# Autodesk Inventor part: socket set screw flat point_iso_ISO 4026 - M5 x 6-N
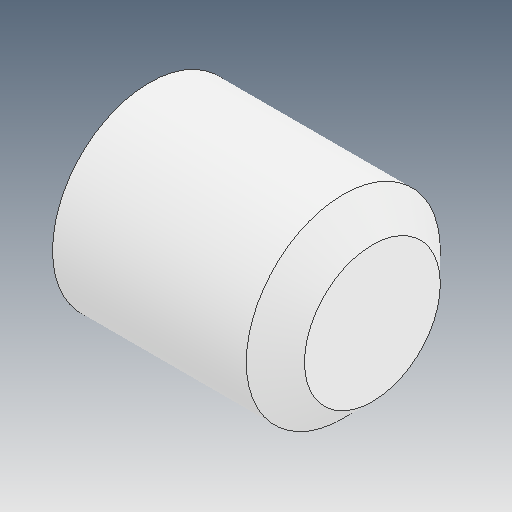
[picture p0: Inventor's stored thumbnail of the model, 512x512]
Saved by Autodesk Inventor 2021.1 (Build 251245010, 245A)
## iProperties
Created: 2021-05
Part Number: socket set screw flat point_iso_ISO 4026 - M5 x 6-N
Material: Ogólny
Document SubType Name: Modeling
Designer: user
Density: 1 g/cm^3
Appearance: Domyślna
Author: user
Revision Number: ÈÎºÎ
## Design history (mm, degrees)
feature "ÊäÈë1"
node "Bryła1"

DIRECTIONS = Exactly as written, copy out the listing, but without any pictures.

EXPECTED ANSWER =
# Autodesk Inventor part: socket set screw flat point_iso_ISO 4026 - M5 x 6-N
[picture p0: Inventor's stored thumbnail of the model, 512x512]
Saved by Autodesk Inventor 2021.1 (Build 251245010, 245A)
## iProperties
Created: 2021-05
Part Number: socket set screw flat point_iso_ISO 4026 - M5 x 6-N
Material: Ogólny
Document SubType Name: Modeling
Designer: user
Density: 1 g/cm^3
Appearance: Domyślna
Author: user
Revision Number: ÈÎºÎ
## Design history (mm, degrees)
feature "ÊäÈë1"
node "Bryła1"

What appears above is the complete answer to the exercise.